(Beginning of GIVEN RECORDS)

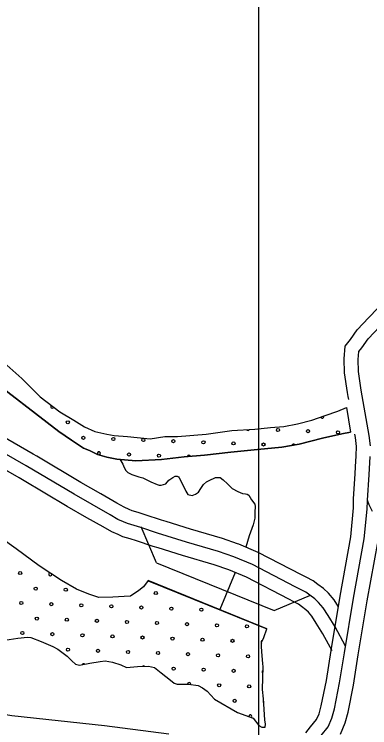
# Model space of a CAD drawing. Extents: x 1551132 to 1791609, y 378168 to 563823.
# Drawn here: x 1630868 to 1633255, y 487298 to 492094 of the extents above; entities that cross this region are included whole.
import ezdxf

# ---------------------------------------------------------------- set-up
doc = ezdxf.new("R2010")
doc.units = 0
for name, color, linetype in [('DESIGN - ROW - Right-of-Way Linework', 7, 'Continuous'), ('DESIGN - SCRATCH - User 1', 7, 'Continuous'), ('DESIGN - TRAFFIC CONTROL PERMANENT - Pavement Marking Text', 7, 'Continuous'), ('DESIGN - TRANSPORTATION - Edge of Traveled Way', 7, 'Continuous'), ('DESIGN - TRANSPORTATION - Text', 7, 'Continuous'), ('SURVEY - CONTOURS - Index with Text', 7, 'Continuous'), ('SURVEY - PROPERTY - Owners', 7, 'Continuous'), ('SURVEY - TRANSPORTATION - Roads Text', 7, 'Continuous')]:
    doc.layers.add(name, color=color, linetype=linetype)

msp = doc.modelspace()

# ---------------------------------------------------------------- linework, layer by layer
at = {"layer": 'DESIGN - ROW - Right-of-Way Linework'}
msp.add_lwpolyline([(1632507.863, 517371.878), (1632507.831, 461291.675)], dxfattribs=at)
at = {"layer": 'DESIGN - SCRATCH - User 1'}
for points in [[(1633125.282, 489285.561), (1633068.417, 489273.719), (1632937.995, 489243.285), (1632781.482, 489205.167), (1632665.185, 489184.583), (1632500.939, 489168.607), (1632322.66, 489150.807), (1632146.355, 489130.973), (1632008.159, 489118.673), (1631857.879, 489100.522), (1631683.725, 489092.68), (1631555.819, 489104.305), (1631489.954, 489117.156), (1631428.139, 489133.964), (1631372.449, 489160.715), (1631332.641, 489177.249), (1631253.26, 489230.342), (1631167.954, 489289.527), (1631011.366, 489409.73), (1630825.07, 489554.35), (1630615.133, 489729.329), (1630494.111, 489813.006), (1630399.122, 489898.367), (1630304.308, 489997.753)], [(1630797.488, 489753.088), (1630918.21, 489645.369), (1631042.74, 489521.557), (1631173.57, 489421.722), (1631268.901, 489364.42), (1631340.4, 489321.436), (1631410.023, 489288.502), (1631489.846, 489271.468), (1631539.753, 489262.826), (1631627.701, 489255.709), (1631781.556, 489239.751), (1631879.77, 489254.551), (1631963.81, 489255.501), (1632156.072, 489271.127), (1632328.418, 489295.019), (1632484.598, 489305.086), (1632588.762, 489315.803), (1632678.876, 489322.687), (1632771.141, 489341.57), (1632867.455, 489364.413), (1632955.887, 489397.372), (1633042.268, 489426.348), (1633099.592, 489449.432), (1633125.282, 489285.561)], [(1632564.72, 487963.71), (1631767.564, 488287.926), (1631735.015, 488244.25), (1631704.715, 488220.582), (1631648.242, 488183.215), (1631606.184, 488179.731), (1631530.094, 488174.673), (1631436.055, 488173.848), (1631368.315, 488196.74), (1631286.683, 488229.832), (1631185.353, 488287.209), (1631034.523, 488387.295), (1630881.843, 488499.431), (1630778.729, 488574.874)], [(1632538.837, 487710.661), (1632536.979, 487727.178), (1632530.004, 487811.439), (1632527.796, 487843.623), (1632528.737, 487871.574), (1632545.154, 487905.433), (1632564.72, 487963.71)], [(1630804.336, 487887.182), (1630892.526, 487900.107), (1630956.633, 487907.316), (1630978.616, 487905.041), (1631048.306, 487878.115), (1631127.929, 487845.047), (1631161.72, 487826.589), (1631223.168, 487779.729), (1631254.784, 487747.27), (1631278.517, 487724.928), (1631306.449, 487718.561), (1631374.631, 487731.736), (1631444.788, 487742.878), (1631478.87, 487748.462), (1631528.761, 487737.82), (1631584.576, 487721.086), (1631622.359, 487702.577), (1631696.474, 487709.661), (1631768.514, 487710.761), (1631810.421, 487702.219), (1631854.011, 487667.61), (1631917.41, 487616.717), (1631941.201, 487598.383), (1631961.101, 487590.116), (1632037.14, 487591.166), (1632103.056, 487582.324), (1632132.863, 487565.916), (1632164.604, 487543.473), (1632213.145, 487490.305)], [(1632213.145, 487490.305), (1632367.191, 487400.387), (1632472.313, 487363.027), (1632511.712, 487312.434), (1632531.587, 487302.167), (1632553.595, 487301.884), (1632555.836, 487321.901), (1632550.178, 487350.027), (1632540.995, 487491.206), (1632535.812, 487556.082), (1632538.837, 487710.661)]]:
    msp.add_lwpolyline(points, dxfattribs=at)
at = {"layer": 'DESIGN - TRAFFIC CONTROL PERMANENT - Pavement Marking Text'}
for centre in [(1631227.626, 489351.422), (1631227.626, 489351.422), (1632638.898, 489299.152), (1632638.898, 489299.152), (1631332.165, 489246.883), (1631332.165, 489246.883), (1632840.508, 489291.685), (1632840.508, 489291.685), (1633042.119, 489284.218), (1633042.119, 489284.218), (1631533.775, 489239.416), (1631533.775, 489239.416), (1631735.385, 489231.949), (1631735.385, 489231.949), (1631936.996, 489224.482), (1631936.996, 489224.482), (1632138.606, 489217.015), (1632138.606, 489217.015), (1632340.216, 489209.548), (1632340.216, 489209.548), (1632541.826, 489202.081), (1632541.826, 489202.081), (1631638.314, 489134.877), (1631638.314, 489134.877), (1631839.924, 489127.41), (1631839.924, 489127.41), (1630907.722, 488337.534), (1630907.722, 488337.534), (1631012.26, 488232.995), (1631012.26, 488232.995), (1631213.871, 488225.528), (1631213.871, 488225.528), (1631818.701, 488203.127), (1631818.701, 488203.127), (1630915.189, 488135.923), (1630915.189, 488135.923), (1631116.799, 488128.456), (1631116.799, 488128.456), (1631318.409, 488120.989), (1631318.409, 488120.989), (1631520.02, 488113.522), (1631520.02, 488113.522), (1631721.63, 488106.055), (1631721.63, 488106.055), (1631923.24, 488098.588), (1631923.24, 488098.588), (1632124.85, 488091.121), (1632124.85, 488091.121), (1631019.727, 488031.385), (1631019.727, 488031.385), (1631221.338, 488023.918), (1631221.338, 488023.918), (1631422.948, 488016.451), (1631422.948, 488016.451), (1631624.558, 488008.983), (1631624.558, 488008.983), (1631826.169, 488001.516), (1631826.169, 488001.516), (1632027.779, 487994.049), (1632027.779, 487994.049), (1632229.389, 487986.582), (1632229.389, 487986.582), (1632430.999, 487979.115), (1632430.999, 487979.115), (1630922.656, 487934.313), (1630922.656, 487934.313), (1631124.266, 487926.846), (1631124.266, 487926.846), (1631325.876, 487919.379), (1631325.876, 487919.379), (1631527.487, 487911.912), (1631527.487, 487911.912), (1631729.097, 487904.445), (1631729.097, 487904.445), (1631930.707, 487896.978), (1631930.707, 487896.978), (1632132.317, 487889.511), (1632132.317, 487889.511), (1632333.928, 487882.044), (1632333.928, 487882.044), (1631228.805, 487822.307), (1631228.805, 487822.307), (1631430.415, 487814.84), (1631430.415, 487814.84), (1631632.025, 487807.373), (1631632.025, 487807.373), (1631833.636, 487799.906), (1631833.636, 487799.906), (1632035.246, 487792.439), (1632035.246, 487792.439), (1632236.856, 487784.972), (1632236.856, 487784.972), (1632438.466, 487777.505), (1632438.466, 487777.505), (1631938.174, 487695.367), (1631938.174, 487695.367), (1632139.785, 487687.9), (1632139.785, 487687.9), (1632341.395, 487680.433), (1632341.395, 487680.433), (1632244.323, 487583.362), (1632244.323, 487583.362), (1632445.933, 487575.895), (1632445.933, 487575.895), (1632348.862, 487478.823), (1632348.862, 487478.823)]:
    msp.add_circle(centre, 10.56, dxfattribs=at)
for centre, start, end in [((1631018.549, 489560.499), 224.499638, 225.831665), ((1631123.087, 489455.96), 123.836056, 341.470198), ((1632937.58, 489388.757), 191.290405, 29.590892), ((1632437.288, 489306.619), 209.35081, 338.025291), ((1632743.437, 489194.614), 30.902511, 169.171733), ((1631436.703, 489142.344), 266.6707, 242.906451), ((1632041.534, 489119.943), 14.316077, 175.856229), ((1631109.332, 488330.067), 109.655726, 3.210296), ((1632020.312, 488195.66), 225.340688, 270.3946), ((1632535.538, 487874.577), 91.227428, 228.718068), ((1631333.343, 487717.769), 44.775929, 157.097338), ((1631736.564, 487702.835), 45.650626, 136.098971), ((1632543.005, 487672.966), 116.554868, 241.202944), ((1632042.713, 487590.829), 350.152748, 178.543613), ((1632550.472, 487471.356), 144.395701, 223.047431), ((1632453.401, 487374.284), 316.559983, 184.309938)]:
    msp.add_arc(centre, 10.56, start, end, dxfattribs=at)
at = {"layer": 'DESIGN - TRANSPORTATION - Edge of Traveled Way'}
for p, q in [((1631822.913, 488405.804), (1631719.749, 488648.844)), ((1631822.913, 488405.804), (1632614.169, 488086.096)), ((1631766.822, 488286.093), (1632564.72, 487963.71)), ((1632614.169, 488086.096), (1632857.196, 488189.266))]:
    msp.add_line(p, q, dxfattribs=at)
for points in [[(1630304.308, 489997.753), (1630399.122, 489898.367), (1630494.111, 489813.006), (1630615.133, 489729.329), (1630825.07, 489554.35), (1631011.366, 489409.73), (1631167.954, 489289.527), (1631253.26, 489230.342), (1631332.641, 489177.249), (1631372.449, 489160.715), (1631428.139, 489133.964), (1631489.954, 489117.156), (1631555.819, 489104.305), (1631683.725, 489092.68), (1631857.879, 489100.522), (1632008.159, 489118.673), (1632146.355, 489130.973), (1632322.66, 489150.807), (1632500.939, 489168.607), (1632665.185, 489184.583), (1632781.482, 489205.167), (1632937.995, 489243.285), (1633068.417, 489273.719), (1633125.282, 489285.561)], [(1630797.488, 489753.088), (1630918.21, 489645.369), (1631042.74, 489521.557), (1631173.57, 489421.722), (1631268.901, 489364.42), (1631340.4, 489321.436), (1631410.023, 489288.502), (1631489.846, 489271.468), (1631539.753, 489262.826), (1631627.701, 489255.709), (1631781.556, 489239.751), (1631879.77, 489254.551), (1631963.81, 489255.501), (1632156.072, 489271.127), (1632328.418, 489295.019), (1632484.598, 489305.086), (1632588.762, 489315.803), (1632678.876, 489322.687), (1632771.141, 489341.57), (1632867.455, 489364.413), (1632955.887, 489397.372), (1633042.268, 489426.348), (1633099.592, 489449.432)]]:
    msp.add_lwpolyline(points, dxfattribs=at)
at = {"layer": 'DESIGN - TRANSPORTATION - Text'}
for points in [[(1631575.994, 489102.472), (1631597.418, 489069.721), (1631607.151, 489047.554), (1631616.901, 489027.387), (1631630.734, 489013.186), (1631658.592, 489000.811), (1631704.407, 488984.211), (1631732.34, 488977.844), (1631786.03, 488951.118), (1631827.821, 488932.559), (1631841.771, 488928.376), (1631853.846, 488929.059), (1631869.828, 488932.034), (1631885.903, 488937.843), (1631906.203, 488961.635), (1631932.427, 488979.344), (1631948.552, 488989.161), (1631962.551, 488988.986), (1631970.509, 488984.877), (1631976.409, 488976.786), (1632003.75, 488922.342), (1632019.342, 488888.075), (1632033.075, 488865.858), (1632063.007, 488859.474), (1632085.682, 488867.116), (1632105.281, 488880.983), (1632121.606, 488906.834), (1632137.931, 488932.676), (1632158.155, 488950.46), (1632176.28, 488960.252), (1632218.529, 488979.769), (1632237.345, 488981.127), (1632250.536, 488979.361), (1632270.369, 488965.085), (1632300.035, 488936.66), (1632331.668, 488906.201), (1632369.433, 488885.692), (1632401.291, 488873.266), (1632421.274, 488871.008), (1632433.249, 488868.858), (1632443.157, 488860.716), (1632460.79, 488830.432), (1632484.422, 488800.081), (1632486.539, 488784.531), (1632483.789, 488747.98), (1632483.272, 488705.904), (1632472.731, 488661.953), (1632445.823, 488588.142), (1632422.415, 488511.524)], [(1632564.72, 487963.71), (1631767.564, 488287.926), (1631735.015, 488244.25), (1631704.715, 488220.582), (1631648.242, 488183.215), (1631606.184, 488179.731), (1631530.094, 488174.673), (1631436.055, 488173.848), (1631368.315, 488196.74), (1631286.683, 488229.832), (1631185.353, 488287.209), (1631034.523, 488387.295), (1630881.843, 488499.431), (1630778.729, 488574.874)], [(1632352.333, 488341.494), (1632249.369, 488091.971)], [(1632538.837, 487710.661), (1632536.979, 487727.178), (1632530.004, 487811.439), (1632527.796, 487843.623), (1632528.737, 487871.574), (1632545.154, 487905.433), (1632564.72, 487963.71)], [(1630804.336, 487887.182), (1630892.526, 487900.107), (1630956.633, 487907.316), (1630978.616, 487905.041), (1631048.306, 487878.115), (1631127.929, 487845.047), (1631161.72, 487826.589), (1631223.168, 487779.729), (1631254.784, 487747.27), (1631278.517, 487724.928), (1631306.449, 487718.561), (1631374.631, 487731.736), (1631444.788, 487742.878), (1631478.87, 487748.462), (1631528.761, 487737.82), (1631584.576, 487721.086), (1631622.359, 487702.577), (1631696.474, 487709.661), (1631768.514, 487710.761), (1631810.421, 487702.219), (1631854.011, 487667.61), (1631917.41, 487616.717), (1631941.201, 487598.383), (1631961.101, 487590.116), (1632037.14, 487591.166), (1632103.056, 487582.324), (1632132.863, 487565.916), (1632164.604, 487543.473), (1632213.145, 487490.305)], [(1632213.145, 487490.305), (1632367.191, 487400.387), (1632472.313, 487363.027), (1632511.712, 487312.434), (1632531.587, 487302.167), (1632553.595, 487301.884), (1632555.836, 487321.901), (1632550.178, 487350.027), (1632540.995, 487491.206), (1632535.812, 487556.082), (1632538.837, 487710.661)]]:
    msp.add_lwpolyline(points, dxfattribs=at)
at = {"layer": 'SURVEY - CONTOURS - Index with Text'}
for points in [[(1632826.472, 487263.183), (1632857.921, 487303.809), (1632898.778, 487352.402), (1632915.47, 487391.845), (1632929.644, 487444.955), (1632964.219, 487616.184), (1632995.726, 487816.648), (1633057.042, 488183.491), (1633127.957, 488580.334), (1633147.182, 488775.231), (1633146.79, 488838.699)], [(1633058.283, 487254.65), (1633090.874, 487331.644), (1633109.848, 487402.754), (1633146.348, 487583.5), (1633178.339, 487787.03), (1633239.337, 488151.965), (1633311.344, 488554.942), (1633331.611, 488760.397), (1633333.569, 488842.591)], [(1628139.766, 487916.456), (1628432.867, 487913.048), (1628511.224, 487881.847), (1628552.631, 487860.638), (1628559.897, 487859.005), (1628591.488, 487858.73), (1628828.358, 487891.897), (1628948.063, 487904.664), (1629007.504, 487892.197), (1629055.286, 487875.755), (1629143.184, 487844.146), (1629498.192, 487700.576), (1629784.485, 487592.798), (1629903.557, 487552.497), (1629984.655, 487527.138), (1630064.287, 487509.296), (1630179.526, 487484.729), (1630328.147, 487459.854), (1630669.123, 487410.803), (1630851.252, 487381.36), (1631474.404, 487311.909), (1631906.41, 487257.891)]]:
    msp.add_lwpolyline(points, dxfattribs=at)
at = {"layer": 'SURVEY - PROPERTY - Owners'}
for points in [[(1633045.509, 488110.397), (1633015.634, 488157.073), (1632978.91, 488202.049), (1632944.503, 488234.442), (1632907.445, 488261.168), (1632876.229, 488285.668), (1632829.089, 488309.819), (1632796.956, 488326.277), (1632505.863, 488476.415), (1632376.2, 488532.266), (1632368.067, 488535.016), (1632267.519, 488568.942), (1632051.074, 488633.302), (1631887.903, 488683.278), (1631857.162, 488692.695), (1631746.473, 488729.437), (1631700.891, 488744.421), (1631660.367, 488756.063), (1631638.667, 488765.555), (1631605.193, 488780.039), (1631556.002, 488807.998), (1631448.572, 488869.766), (1631316.2, 488945.884), (1631018.607, 489122.497), (1630994.133, 489137.014), (1630694.898, 489308.468)], [(1633092.524, 487845.549), (1633022.867, 487976.894), (1632975.569, 488051.404), (1632942.061, 488103.763), (1632912.412, 488140.073), (1632886.646, 488164.332), (1632852.897, 488188.666), (1632827.097, 488208.916), (1632755.491, 488245.6), (1632467.089, 488394.346), (1632343.675, 488447.505), (1632240.086, 488482.465), (1632024.866, 488546.458), (1631829.588, 488606.268), (1631718.024, 488643.302), (1631674.191, 488657.71), (1631629.526, 488670.544), (1631602.485, 488682.378), (1631564.661, 488698.736), (1631510.987, 488729.246), (1631270.443, 488867.557), (1630948.442, 489058.654), (1630650.241, 489229.508)], [(1633002.393, 487814.248), (1632941.294, 487929.459), (1632896.054, 488000.719), (1632865.58, 488048.345), (1632843.288, 488075.646), (1632826.505, 488091.446), (1632796.19, 488113.305), (1632776.023, 488129.131), (1632744.741, 488145.156), (1632712.383, 488161.74), (1632426.782, 488309.035), (1632309.868, 488359.395), (1632308.868, 488359.736), (1632211.57, 488392.571), (1631997.625, 488456.18), (1631833.737, 488506.382), (1631800.93, 488516.432), (1631688.449, 488553.766), (1631646.442, 488567.575), (1631597.468, 488581.65), (1631564.869, 488595.909), (1631522.528, 488614.226), (1631464.188, 488647.385), (1631356.357, 488709.387), (1631222.877, 488786.139), (1630924.201, 488963.393), (1630900.943, 488977.193), (1630603.825, 489147.431)], [(1632928.528, 487246.833), (1632976.985, 487304.476), (1633001.476, 487362.328), (1633018.001, 487424.263), (1633053.517, 487600.159), (1633085.266, 487802.122), (1633146.423, 488168.032), (1633217.872, 488567.884), (1633237.613, 488767.956), (1633241.254, 488826.457)]]:
    msp.add_lwpolyline(points, dxfattribs=at)
at = {"layer": 'SURVEY - TRANSPORTATION - Roads Text'}
for points in [[(1633114.191, 489505.183), (1633110.666, 489525.317), (1633105.983, 489552.059), (1633085.909, 489683.746), (1633084.45, 489776.907), (1633091.567, 489863.042), (1633125.558, 489907.635), (1633171.04, 489971.495), (1633250.138, 490054.964), (1633368.477, 490179.834), (1633408.251, 490230.369), (1633428.509, 490271.47), (1633445.567, 490332.572), (1633462.934, 490430.357), (1633522.549, 490765.974), (1633549.998, 490922.52), (1633575.34, 491067.041), (1633608.914, 491233.687), (1633654.963, 491475.418), (1633772.06, 491458.951), (1634122.452, 491409.633), (1634268.348, 491386.649), (1634388.996, 491367.649)], [(1633259.863, 489192.259), (1633252.454, 489262.419), (1633199.039, 489567.293), (1633180.09, 489691.63), (1633178.798, 489773.757), (1633183.265, 489827.8), (1633201.473, 489851.684), (1633244.013, 489911.419), (1633439.892, 490118.116)], [(1633146.865, 488837.308), (1633158.09, 489003.895), (1633160.807, 489051.696), (1633164.998, 489125.248), (1633165.531, 489187.7), (1633159.023, 489249.318), (1633155.198, 489271.152)], [(1633274.095, 488751.505), (1633252.463, 488795.748), (1633240.729, 488827.891), (1633252.196, 488998.045), (1633259.263, 489122.165)]]:
    msp.add_lwpolyline(points, dxfattribs=at)

doc.saveas('drawing.dxf')

(End of GIVEN RECORDS)

Could you set down verbatim the lines from the beginning of the entries above through the line containing "msp = doc.modelspace()", both included, leaving out the pictures?

= RESPONSE AREA =
# Model space of a CAD drawing. Extents: x 1551132 to 1791609, y 378168 to 563823.
# Drawn here: x 1630868 to 1633255, y 487298 to 492094 of the extents above; entities that cross this region are included whole.
import ezdxf

# ---------------------------------------------------------------- set-up
doc = ezdxf.new("R2010")
doc.units = 0
for name, color, linetype in [('DESIGN - ROW - Right-of-Way Linework', 7, 'Continuous'), ('DESIGN - SCRATCH - User 1', 7, 'Continuous'), ('DESIGN - TRAFFIC CONTROL PERMANENT - Pavement Marking Text', 7, 'Continuous'), ('DESIGN - TRANSPORTATION - Edge of Traveled Way', 7, 'Continuous'), ('DESIGN - TRANSPORTATION - Text', 7, 'Continuous'), ('SURVEY - CONTOURS - Index with Text', 7, 'Continuous'), ('SURVEY - PROPERTY - Owners', 7, 'Continuous'), ('SURVEY - TRANSPORTATION - Roads Text', 7, 'Continuous')]:
    doc.layers.add(name, color=color, linetype=linetype)

msp = doc.modelspace()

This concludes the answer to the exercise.